La sale guerre continue en Tchétchénie. L’armée russe pilonne villes et villages pour contraindre les combattants tchétchènes à se replier, mais aussi pour écraser et démoraliser la population civile. Grozny, encerclée à 80 %, bombardée intensivement, est privée d’électricité et bientôt de vivres et de médicaments. 250 000 personnes se sont déjà réfugiées, dans des conditions lamentables, en Ingouchie voisine.

Le sommet de l’Organisation pour la Sécurité et la Coopération en Europe (l’OSCE), qui réunissait la semaine dernière à Istanbul, Clinton, Chirac, Schröder, Eltsine, et bien d’autres chefs d’Etat ou de gouvernement, ne pouvait pas ne pas en parler. Cela a tourné à la farce.

Les dirigeants occidentaux ont fait part de leurs... « inquiétudes ». Eltsine leur a concédé qu’il était « légitime » que les Etats membres « se préoccupent » de ce qui se passait à l’intérieur des frontières d’un autre Etat. Et la Russie a accepté le « principe » d’une visite du président de l’OSCE en Tchétchénie. Après quoi les grands de ce monde avaient bien mérité de se reposer et de signer ensemble un nouveau traité de limitation des armements conventionnels selon des plafonds territoriaux (allégrement crevés dans le Caucase, comme on s’en doute bien) et une sorte de manuel de non-violence pour les Etats, surnommé « Charte de Sécurité pour le XXIe siècle ».

Bref, pour les grands de ce monde le massacre des Tchétchènes reste une affaire intérieure. Chacun peut bien avoir son peuple à bombarder, et l’armée russe ses Tchétchènes, comme l’OTAN a eu ses Kosovars et ses Yougoslaves ou comme l’hôte de ce sommet de coopération des massacreurs, le gouvernement turc, a ses Kurdes.

Mais l’hypocrisie ne s’arrête pas là. Derrière cette guerre, il y a tous les petits calculs et les gros intérêts des grandes puissances.

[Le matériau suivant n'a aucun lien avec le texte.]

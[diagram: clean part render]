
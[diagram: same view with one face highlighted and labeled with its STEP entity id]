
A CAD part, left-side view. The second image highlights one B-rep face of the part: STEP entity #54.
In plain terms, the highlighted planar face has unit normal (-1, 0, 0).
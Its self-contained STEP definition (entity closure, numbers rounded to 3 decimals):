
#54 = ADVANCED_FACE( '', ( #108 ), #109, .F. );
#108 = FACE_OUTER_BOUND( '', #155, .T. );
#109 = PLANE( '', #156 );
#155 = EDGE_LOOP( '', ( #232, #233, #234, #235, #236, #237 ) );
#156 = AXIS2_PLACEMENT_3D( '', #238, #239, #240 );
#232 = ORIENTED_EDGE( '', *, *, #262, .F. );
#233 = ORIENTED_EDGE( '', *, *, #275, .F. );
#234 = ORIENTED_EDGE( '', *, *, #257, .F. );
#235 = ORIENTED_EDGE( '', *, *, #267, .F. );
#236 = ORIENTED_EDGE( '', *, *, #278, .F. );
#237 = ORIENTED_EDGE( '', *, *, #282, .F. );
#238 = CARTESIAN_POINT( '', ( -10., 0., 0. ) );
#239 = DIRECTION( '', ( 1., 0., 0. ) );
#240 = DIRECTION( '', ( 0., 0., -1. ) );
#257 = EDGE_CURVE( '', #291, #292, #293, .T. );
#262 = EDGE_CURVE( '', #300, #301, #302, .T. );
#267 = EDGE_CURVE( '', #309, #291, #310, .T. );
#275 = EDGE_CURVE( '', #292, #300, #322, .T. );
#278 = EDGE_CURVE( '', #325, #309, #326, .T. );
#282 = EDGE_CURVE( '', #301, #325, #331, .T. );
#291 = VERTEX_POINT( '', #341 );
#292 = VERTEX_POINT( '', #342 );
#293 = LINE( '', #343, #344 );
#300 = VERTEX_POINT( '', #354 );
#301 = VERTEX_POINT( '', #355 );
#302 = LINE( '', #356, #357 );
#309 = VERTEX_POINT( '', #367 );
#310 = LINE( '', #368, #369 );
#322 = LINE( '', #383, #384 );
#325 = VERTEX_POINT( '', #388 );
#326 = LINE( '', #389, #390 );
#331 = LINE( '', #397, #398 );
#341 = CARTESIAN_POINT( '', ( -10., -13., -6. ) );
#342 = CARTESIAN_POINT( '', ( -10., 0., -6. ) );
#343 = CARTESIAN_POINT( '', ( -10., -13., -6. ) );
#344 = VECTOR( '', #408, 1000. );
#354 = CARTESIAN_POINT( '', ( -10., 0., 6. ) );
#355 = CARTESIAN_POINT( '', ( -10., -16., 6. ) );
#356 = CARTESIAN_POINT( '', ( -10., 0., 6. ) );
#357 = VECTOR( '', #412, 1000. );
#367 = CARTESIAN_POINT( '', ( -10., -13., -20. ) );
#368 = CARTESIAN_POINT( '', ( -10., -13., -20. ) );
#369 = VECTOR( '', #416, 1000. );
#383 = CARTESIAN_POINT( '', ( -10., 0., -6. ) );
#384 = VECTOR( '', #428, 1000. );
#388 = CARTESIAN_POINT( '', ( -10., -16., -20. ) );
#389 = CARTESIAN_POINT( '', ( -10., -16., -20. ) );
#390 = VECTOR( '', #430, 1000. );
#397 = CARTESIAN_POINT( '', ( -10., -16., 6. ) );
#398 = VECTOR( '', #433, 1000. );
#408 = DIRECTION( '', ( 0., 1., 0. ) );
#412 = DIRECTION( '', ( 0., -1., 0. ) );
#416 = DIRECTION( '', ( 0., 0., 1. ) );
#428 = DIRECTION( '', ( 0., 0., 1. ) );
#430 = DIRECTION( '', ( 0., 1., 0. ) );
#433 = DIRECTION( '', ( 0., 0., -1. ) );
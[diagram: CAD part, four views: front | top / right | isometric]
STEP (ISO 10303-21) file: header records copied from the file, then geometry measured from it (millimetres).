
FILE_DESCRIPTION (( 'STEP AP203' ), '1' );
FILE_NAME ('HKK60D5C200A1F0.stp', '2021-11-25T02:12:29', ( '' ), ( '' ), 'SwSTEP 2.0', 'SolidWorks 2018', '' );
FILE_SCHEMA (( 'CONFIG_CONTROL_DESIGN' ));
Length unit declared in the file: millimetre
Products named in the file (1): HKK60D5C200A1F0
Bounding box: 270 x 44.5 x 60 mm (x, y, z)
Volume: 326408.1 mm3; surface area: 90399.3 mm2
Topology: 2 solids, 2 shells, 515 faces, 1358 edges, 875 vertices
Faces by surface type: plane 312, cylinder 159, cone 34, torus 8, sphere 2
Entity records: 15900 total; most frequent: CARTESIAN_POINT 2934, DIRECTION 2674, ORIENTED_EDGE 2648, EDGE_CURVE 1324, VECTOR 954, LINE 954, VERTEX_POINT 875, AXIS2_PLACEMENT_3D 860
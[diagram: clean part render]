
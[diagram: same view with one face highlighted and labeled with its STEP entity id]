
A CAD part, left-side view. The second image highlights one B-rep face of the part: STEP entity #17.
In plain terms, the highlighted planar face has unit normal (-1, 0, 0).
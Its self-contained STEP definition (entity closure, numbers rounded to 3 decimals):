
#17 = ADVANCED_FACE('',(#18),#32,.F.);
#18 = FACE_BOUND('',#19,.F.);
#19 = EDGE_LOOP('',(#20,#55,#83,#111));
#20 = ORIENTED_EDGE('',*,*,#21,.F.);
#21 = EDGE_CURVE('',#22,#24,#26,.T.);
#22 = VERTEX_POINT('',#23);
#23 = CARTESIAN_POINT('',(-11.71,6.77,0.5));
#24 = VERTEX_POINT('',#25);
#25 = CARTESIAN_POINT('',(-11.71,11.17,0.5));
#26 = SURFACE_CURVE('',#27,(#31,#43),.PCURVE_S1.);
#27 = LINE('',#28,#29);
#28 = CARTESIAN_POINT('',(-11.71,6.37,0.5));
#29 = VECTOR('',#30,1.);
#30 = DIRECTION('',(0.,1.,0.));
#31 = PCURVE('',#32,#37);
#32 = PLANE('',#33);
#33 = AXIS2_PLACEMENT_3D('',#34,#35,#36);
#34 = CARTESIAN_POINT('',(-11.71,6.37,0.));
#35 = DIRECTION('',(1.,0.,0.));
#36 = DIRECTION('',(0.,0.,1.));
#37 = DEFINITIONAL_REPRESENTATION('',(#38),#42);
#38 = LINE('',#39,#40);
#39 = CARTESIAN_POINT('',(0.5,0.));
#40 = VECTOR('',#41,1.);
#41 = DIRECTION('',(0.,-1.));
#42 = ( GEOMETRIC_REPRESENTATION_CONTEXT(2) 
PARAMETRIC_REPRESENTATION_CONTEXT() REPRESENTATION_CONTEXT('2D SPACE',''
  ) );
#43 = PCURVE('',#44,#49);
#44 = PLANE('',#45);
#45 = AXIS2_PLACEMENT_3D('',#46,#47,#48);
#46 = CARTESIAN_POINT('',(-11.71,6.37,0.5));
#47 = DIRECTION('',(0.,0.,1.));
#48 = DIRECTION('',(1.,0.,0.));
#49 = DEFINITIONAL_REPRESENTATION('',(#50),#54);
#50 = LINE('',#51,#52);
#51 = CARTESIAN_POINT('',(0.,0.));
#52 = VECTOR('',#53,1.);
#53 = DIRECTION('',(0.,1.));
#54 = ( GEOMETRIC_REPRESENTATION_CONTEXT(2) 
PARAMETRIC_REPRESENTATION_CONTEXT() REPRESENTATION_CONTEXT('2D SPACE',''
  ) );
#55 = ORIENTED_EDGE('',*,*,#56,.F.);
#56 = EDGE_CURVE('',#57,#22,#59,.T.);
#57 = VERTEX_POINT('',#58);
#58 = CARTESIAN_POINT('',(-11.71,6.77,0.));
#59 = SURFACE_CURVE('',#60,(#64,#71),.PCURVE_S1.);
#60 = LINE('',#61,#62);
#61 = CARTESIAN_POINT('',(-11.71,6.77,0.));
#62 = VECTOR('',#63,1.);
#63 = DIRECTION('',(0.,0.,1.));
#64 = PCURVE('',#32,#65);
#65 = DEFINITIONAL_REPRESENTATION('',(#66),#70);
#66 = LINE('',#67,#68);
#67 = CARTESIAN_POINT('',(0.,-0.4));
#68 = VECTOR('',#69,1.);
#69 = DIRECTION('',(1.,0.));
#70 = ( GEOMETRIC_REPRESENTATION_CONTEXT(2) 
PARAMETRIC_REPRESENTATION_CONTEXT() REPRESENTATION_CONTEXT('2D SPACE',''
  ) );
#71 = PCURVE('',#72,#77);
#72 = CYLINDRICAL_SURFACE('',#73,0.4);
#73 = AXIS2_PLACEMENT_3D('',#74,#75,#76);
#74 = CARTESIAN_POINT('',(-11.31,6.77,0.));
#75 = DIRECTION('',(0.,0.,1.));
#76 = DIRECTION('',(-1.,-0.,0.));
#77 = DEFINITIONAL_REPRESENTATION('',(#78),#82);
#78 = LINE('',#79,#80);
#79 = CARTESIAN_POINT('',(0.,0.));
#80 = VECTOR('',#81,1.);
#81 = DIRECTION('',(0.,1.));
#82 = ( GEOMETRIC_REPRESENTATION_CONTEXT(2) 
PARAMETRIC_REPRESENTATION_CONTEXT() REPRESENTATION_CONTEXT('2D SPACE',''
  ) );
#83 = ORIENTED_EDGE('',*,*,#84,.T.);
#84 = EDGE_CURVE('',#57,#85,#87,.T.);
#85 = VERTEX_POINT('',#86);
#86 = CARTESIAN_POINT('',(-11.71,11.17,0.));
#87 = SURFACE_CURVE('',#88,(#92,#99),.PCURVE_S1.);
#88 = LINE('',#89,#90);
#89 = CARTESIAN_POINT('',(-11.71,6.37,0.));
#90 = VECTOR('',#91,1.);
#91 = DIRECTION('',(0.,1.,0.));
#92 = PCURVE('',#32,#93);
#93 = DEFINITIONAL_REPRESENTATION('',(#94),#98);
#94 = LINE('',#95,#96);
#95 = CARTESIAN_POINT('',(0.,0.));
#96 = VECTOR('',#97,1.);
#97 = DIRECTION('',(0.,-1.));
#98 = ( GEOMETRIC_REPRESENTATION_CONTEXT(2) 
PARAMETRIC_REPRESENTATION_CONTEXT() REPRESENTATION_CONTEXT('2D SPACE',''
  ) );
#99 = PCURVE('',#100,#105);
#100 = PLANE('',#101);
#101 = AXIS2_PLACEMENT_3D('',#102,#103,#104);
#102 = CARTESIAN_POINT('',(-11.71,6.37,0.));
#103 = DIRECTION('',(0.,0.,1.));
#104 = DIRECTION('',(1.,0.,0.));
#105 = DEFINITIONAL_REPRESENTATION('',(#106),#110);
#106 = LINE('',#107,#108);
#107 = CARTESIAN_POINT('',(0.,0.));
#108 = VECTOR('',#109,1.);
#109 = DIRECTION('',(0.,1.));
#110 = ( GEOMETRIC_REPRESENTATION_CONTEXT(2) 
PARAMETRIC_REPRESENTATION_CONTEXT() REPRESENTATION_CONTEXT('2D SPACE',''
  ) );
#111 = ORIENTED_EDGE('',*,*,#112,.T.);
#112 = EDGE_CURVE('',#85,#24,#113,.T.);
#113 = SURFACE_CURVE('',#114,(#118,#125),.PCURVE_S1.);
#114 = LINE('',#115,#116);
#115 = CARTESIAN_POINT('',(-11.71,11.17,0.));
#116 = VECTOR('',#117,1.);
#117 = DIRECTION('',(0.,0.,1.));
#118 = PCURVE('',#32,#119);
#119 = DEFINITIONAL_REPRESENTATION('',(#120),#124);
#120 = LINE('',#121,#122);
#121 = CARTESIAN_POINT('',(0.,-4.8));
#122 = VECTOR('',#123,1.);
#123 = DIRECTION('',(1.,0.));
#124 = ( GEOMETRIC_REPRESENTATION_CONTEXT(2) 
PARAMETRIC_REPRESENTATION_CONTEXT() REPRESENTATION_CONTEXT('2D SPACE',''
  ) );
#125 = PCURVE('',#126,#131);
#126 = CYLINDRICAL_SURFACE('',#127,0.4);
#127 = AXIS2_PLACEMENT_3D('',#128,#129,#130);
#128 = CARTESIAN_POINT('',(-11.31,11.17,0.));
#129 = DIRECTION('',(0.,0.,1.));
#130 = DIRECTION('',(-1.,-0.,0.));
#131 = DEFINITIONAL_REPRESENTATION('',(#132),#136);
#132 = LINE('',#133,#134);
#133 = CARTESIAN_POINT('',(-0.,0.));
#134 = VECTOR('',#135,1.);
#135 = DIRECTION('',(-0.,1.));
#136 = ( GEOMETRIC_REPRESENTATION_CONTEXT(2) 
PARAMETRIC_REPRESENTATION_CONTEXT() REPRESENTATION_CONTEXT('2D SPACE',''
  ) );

Clinton a parlé de « son ami Eltsine ». Mais en plein sommet de l’OSCE, il a tenu son propre petit sommet derrière le dos de la Russie, en réunissant avec le président de la Turquie ceux de l’Azerbaïdjan, de la Géorgie et du Kazakhstan. Ils y ont signé un accord pour un nouvel oléoduc qui transportera de Bakou jusqu’au terminal pétrolier turc de Ceyhan des hydrocarbures d’Asie Centrale et de la Caspienne. Un oléoduc sous-marin traversera en outre la Caspienne pour écouler le gaz turkmène vers les marchés occidentaux. L’objectif entre autres est d’éviter le passage par le territoire russe. Le trust BP Amoco domine le consortium qui exploite ces gisements. Clinton s’est félicité : « Ces oléoducs sont une police d’assurance pour garantir que les ressources énergétiques passent par des voies multiples, et non par un seul goulet étroit. ».

Quant à l’Arabie Saoudite, elle finance largement les groupes islamistes armés du Caucase, sans que les Etats-Unis, évidemment, ne fassent la moindre pression sur leur allié saoudien pour mettre fin à ces financements.

Pendant ce temps, le gouvernement russe se bat, lui, pour sauver ses propres passages d’hydrocarbures : l’oléoduc russe va de Bakou au port de Novorossisk, via Grozny. Suite à des attaques contre ce pipe-line stratégique, les Russes l’ont fermé au printemps 99, pour faire provisoirement transiter le brut par trains et camions à travers le Daghestan. Mais les raids des chefs de guerre islamistes comme Bassaïev, à l’été 99, ont menacé à son tour ce transit.

Ces rivalités donnent à l’actuelle guerre en Tchétchénie une forte odeur de pétrole.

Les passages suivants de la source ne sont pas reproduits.